### Assignment
Set down, exactly as written, the lines from the top of the data to the line that holds "# One storey: 4 footings, 4 walls, 1 proxy.", and omit the pictures.

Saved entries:
◇ ◇ ◇ ◇

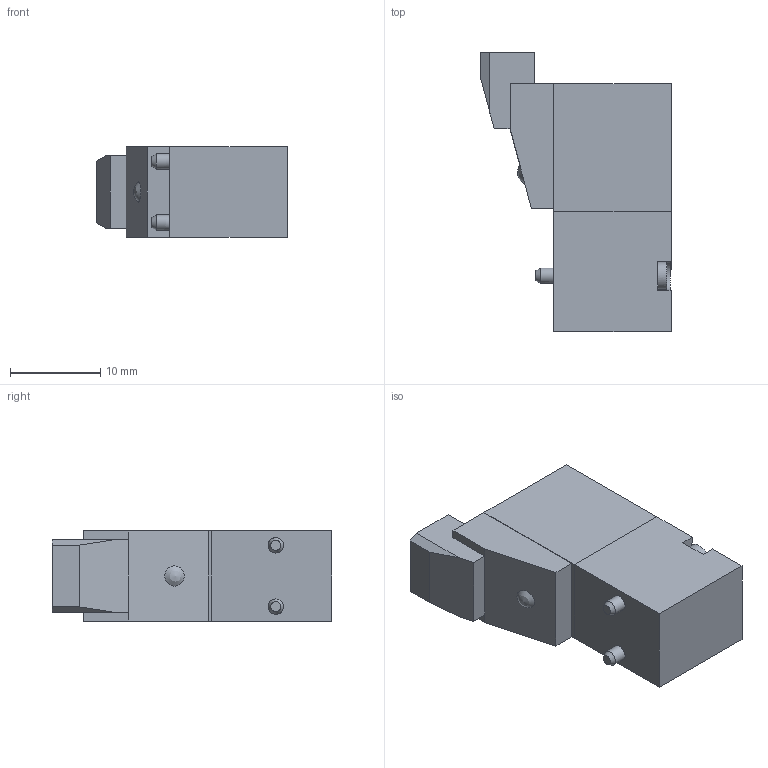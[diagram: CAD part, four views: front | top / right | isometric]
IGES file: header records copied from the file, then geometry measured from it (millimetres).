
Global section: file name: P3##.3R; native system: Autodesk Inventor 2014; preprocessor: unknown; author: A. Manieri; organization: Pneumax S.p.A.; date: 20160902.102245; units: millimetre
Bounding box: 21.1 x 31 x 10 mm (x, y, z)
Volume: 4275.6 mm3; surface area: 2048.9 mm2
Topology: 1 solids, 1 shells, 90 faces, 227 edges, 149 vertices
Faces by surface type: bspline 90
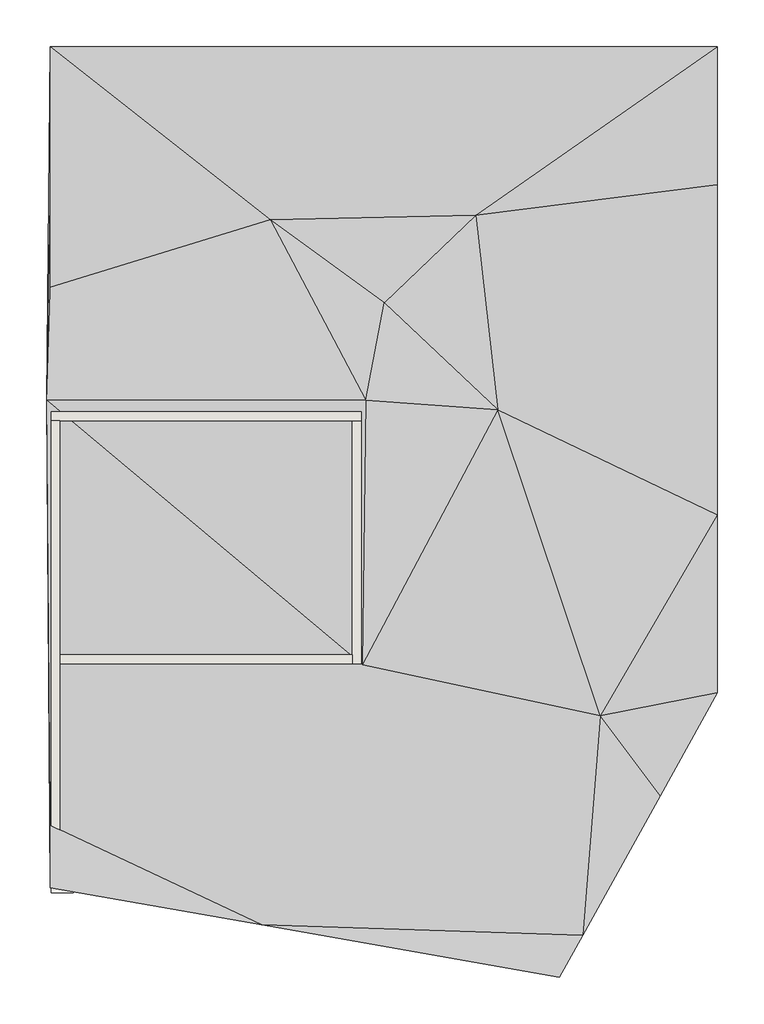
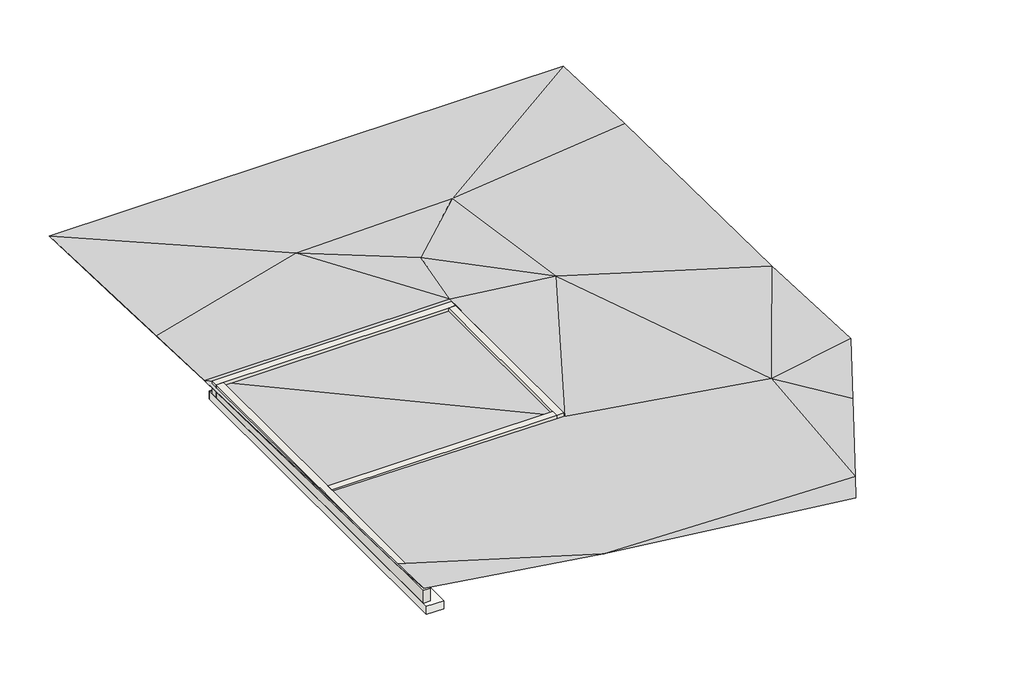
# One storey: 4 footings, 4 walls, 1 proxy.
"""IFC4 building model written with IfcOpenShell, lengths in millimetres."""

from ifc_helpers import new_model, si_unit, frame, origin, place, context, project, spatial, polyline, outline, extrude, faceted_brep, triangles, element, save

model = new_model("IFC4")

# Units and contexts
model_context = context("Model", 3, world=origin())
ifc_project = project(units=[si_unit("LENGTHUNIT", "METRE", prefix="MILLI")], contexts=[model_context])

# Site, building, storey
site = spatial("IfcSite", under=ifc_project)
building = spatial("IfcBuilding", under=site)
storey = spatial("IfcBuildingStorey", under=building, Name="Soubassement", Elevation=-650.0)

# Proxy
placement = place(None, origin())
element("IfcBuildingElementProxy", 1, Name="Building Element Proxy", at=placement, inside=storey, context=model_context, shape_type="Tessellation", body=[
    triangles([(-3585.0276855, 36847.3369263, -500.0000038), (5035.1258011, 36847.3369263, -500.0000038), (11377.8520203, 36847.3369263, -500.0000038), (-3585.0276855, 33552.8240662, -400.0000031), (1357.9688553, 32964.4785828, -400.0000031), (5966.6718475, 33062.5377136, -400.0000031), (11377.8520203, 33748.9400024, -400.0000031), (-3585.0276855, 31444.5876343, -300.0000023), (3907.464109, 31101.3876526, -300.0000023), (6456.9593628, 28698.978479, -300.0000023), (11377.8520203, 26345.5965454, -300.0000023), (-3665.0277443, 28906.9332275, -100.0000008), (3494.9724266, 28906.9332275, -100.0000008), (3414.9723679, 22976.9323975, -100.0000008), (8761.3111496, 21834.9509399, -100.0000008), (10099.0533325, 20040.3232727, -100.0000008), (-3585.0276855, 19380.7972504, 0.0), (1163.8612267, 17139.5759125, 0.0), (8365.2027695, 16912.3735016, 0.0), (-3585.0276855, 17976.9329407, 100.0000008), (7838.7424622, 15962.614032, 100.0000008), (11377.8520203, 22347.338269, -100.0000008)], [[20, 17, 12], [17, 20, 18], [17, 14, 12], [14, 18, 19], [9, 13, 10], [14, 17, 18], [12, 14, 13], [12, 4, 1], [4, 12, 8], [1, 4, 5], [12, 5, 8], [12, 13, 5], [1, 5, 2], [8, 5, 4], [13, 9, 5], [6, 5, 9], [13, 14, 10], [19, 15, 14], [11, 7, 10], [15, 16, 22], [16, 15, 19], [10, 15, 11], [15, 22, 11], [15, 10, 14], [5, 6, 2], [9, 10, 6], [6, 10, 7], [2, 6, 3], [21, 19, 18], [7, 3, 6]], closed=False),
])

# Footings
element("IfcFooting", 2, ObjectType="fondation excentrée 50 x 25", at=placement, inside=storey, context=model_context, shape_type="Brep", body=[
    faceted_brep([(-3065.0276062, 17866.9326555, -650.0), (-3065.0276062, 17866.9326555, -400.0), (-3565.0276062, 17866.9326555, -400.0), (-3565.0276062, 17866.9326555, -650.0), (-3065.0276062, 22846.9326555, -400.0), (-3065.0276062, 23346.9326555, -400.0), (-3065.0276062, 28306.9326555, -400.0), (-3565.0276062, 28806.9326555, -400.0), (-3065.0276062, 22846.9326555, -650.0), (-3065.0276062, 23346.9326555, -650.0), (-3065.0276062, 28306.9326555, -650.0), (-3565.0276062, 28806.9326555, -650.0)], [[[0, 1, 2, 3]], [[1, 4, 5, 6, 7, 2]], [[1, 0, 8, 9, 10, 6, 5, 4]], [[0, 3, 11, 10, 9, 8]], [[3, 2, 7, 11]], [[7, 6, 10, 11]]]),
])
element("IfcFooting", 3, ObjectType="Fondation 50 x 25", at=placement, inside=storey, context=model_context, shape_type="SweptSolid", body=[
    extrude(outline(polyline([(3044.9723938, 28306.9326555), (3544.9723938, 28806.9326555), (3544.9723938, 22846.9326555), (3044.9723938, 23346.9326555), (3044.9723938, 28306.9326555)])), frame((0.0, 0.0, -650.0), z_axis=(0.0, 0.0, 1.0), x_axis=(1.0, 0.0, 0.0)), (0.0, 0.0, 1.0), 250.0),
])
element("IfcFooting", 4, ObjectType="Fondation 50 x 25", at=placement, inside=storey, context=model_context, shape_type="SweptSolid", body=[
    extrude(outline(polyline([(-3065.0276062, 28306.9326555), (-3565.0276062, 28806.9326555), (3544.9723938, 28806.9326555), (3044.9723938, 28306.9326555), (-3065.0276062, 28306.9326555)])), frame((0.0, 0.0, -650.0), z_axis=(0.0, 0.0, 1.0), x_axis=(1.0, 0.0, 0.0)), (0.0, 0.0, 1.0), 250.0),
])
element("IfcFooting", 5, ObjectType="Fondation 50 x 25", at=placement, inside=storey, context=model_context, shape_type="SweptSolid", body=[
    extrude(outline(polyline([(3044.9723938, 23346.9326555), (3544.9723938, 22846.9326555), (-3065.0276062, 22846.9326555), (-3065.0276062, 23346.9326555), (3044.9723938, 23346.9326555)])), frame((0.0, 0.0, -650.0), z_axis=(0.0, 0.0, 1.0), x_axis=(1.0, 0.0, 0.0)), (0.0, 0.0, 1.0), 250.0),
])

# Walls
element("IfcWall", 6, ObjectType="Soubassement BBM plein 20 cm", at=placement, inside=storey, context=model_context, shape_type="Brep", body=[
    faceted_brep([(-3565.0276062, 28456.9326555, -400.0), (-3365.0276062, 28456.9326555, -400.0), (3194.9723938, 28456.9326555, -400.0), (3394.9723938, 28456.9326555, -400.0), (3394.9723938, 28456.9326555, 0.0), (3194.9723938, 28456.9326555, 0.0), (-3365.0276062, 28456.9326555, 0.0), (-3565.0276062, 28456.9326555, 0.0), (-3565.0276062, 28656.9326555, -400.0), (-3565.0276062, 28656.9326555, 0.0), (3394.9723938, 28656.9326555, 0.0), (3394.9723938, 28656.9326555, -400.0)], [[[0, 1, 2, 3, 4, 5, 6, 7]], [[8, 9, 10, 11]], [[3, 2, 1, 0, 8, 11]], [[7, 6, 5, 4, 10, 9]], [[4, 3, 11, 10]], [[0, 7, 9, 8]]]),
])
element("IfcWall", 7, ObjectType="Soubassement BBM plein 20 cm", at=placement, inside=storey, context=model_context, shape_type="Brep", body=[
    faceted_brep([(3194.9723938, 28456.9326555, -400.0), (3194.9723938, 23196.9326555, -400.0), (3194.9723938, 22996.9326555, -400.0), (3194.9723938, 22996.9326555, 0.0), (3194.9723938, 23196.9326555, 0.0), (3194.9723938, 28456.9326555, 0.0), (3394.9723938, 28456.9326555, -400.0), (3394.9723938, 28456.9326555, 0.0), (3394.9723938, 22996.9326555, 0.0), (3394.9723938, 22996.9326555, -400.0)], [[[0, 1, 2, 3, 4, 5]], [[6, 7, 8, 9]], [[2, 1, 0, 6, 9]], [[5, 4, 3, 8, 7]], [[3, 2, 9, 8]], [[0, 5, 7, 6]]]),
])
element("IfcWall", 8, ObjectType="Soubassement BBM plein 20 cm", at=placement, inside=storey, context=model_context, shape_type="SweptSolid", body=[
    extrude(outline(polyline([(-3365.0276062, 23196.9326555), (3194.9723938, 23196.9326555), (3194.9723938, 22996.9326555), (-3365.0276062, 22996.9326555), (-3365.0276062, 23196.9326555)])), frame((0.0, 0.0, -400.0), z_axis=(0.0, 0.0, 1.0), x_axis=(1.0, 0.0, 0.0)), (0.0, 0.0, 1.0), 400.0),
])
element("IfcWall", 9, ObjectType="Soubassement BBM plein 20 cm", at=placement, inside=storey, context=model_context, shape_type="Brep", body=[
    faceted_brep([(-3565.0276062, 28456.9326555, -400.0), (-3565.0276062, 18016.9326555, -400.0), (-3565.0276062, 18016.9326555, 0.0), (-3565.0276062, 28456.9326555, 0.0), (-3365.0276062, 28456.9326555, -400.0), (-3365.0276062, 28456.9326555, 0.0), (-3365.0276062, 23196.9326555, 0.0), (-3365.0276062, 22996.9326555, 0.0), (-3365.0276062, 18016.9326555, 0.0), (-3365.0276062, 18016.9326555, -400.0), (-3365.0276062, 22996.9326555, -400.0), (-3365.0276062, 23196.9326555, -400.0)], [[[0, 1, 2, 3]], [[4, 5, 6, 7, 8, 9, 10, 11]], [[1, 0, 4, 11, 10, 9]], [[2, 1, 9, 8]], [[3, 2, 8, 7, 6, 5]], [[0, 3, 5, 4]]]),
])

save(model, "model.ifc")

◇ ◇ ◇ ◇

### Answer section
[diagram: CAD part, four views: front | top / right | isometric]
IGES file: header records copied from the file, then geometry measured from it (millimetres).
Global section: file name: P3##.3R; native system: Autodesk Inventor 2014; preprocessor: unknown; author: A. Manieri; organization: Pneumax S.p.A.; date: 20160902.102245; units: millimetre
Bounding box: 21.1 x 31 x 10 mm (x, y, z)
Volume: 4275.6 mm3; surface area: 2048.9 mm2
Topology: 1 solids, 1 shells, 90 faces, 227 edges, 149 vertices
Faces by surface type: bspline 90
# One storey: 4 footings, 4 walls, 1 proxy.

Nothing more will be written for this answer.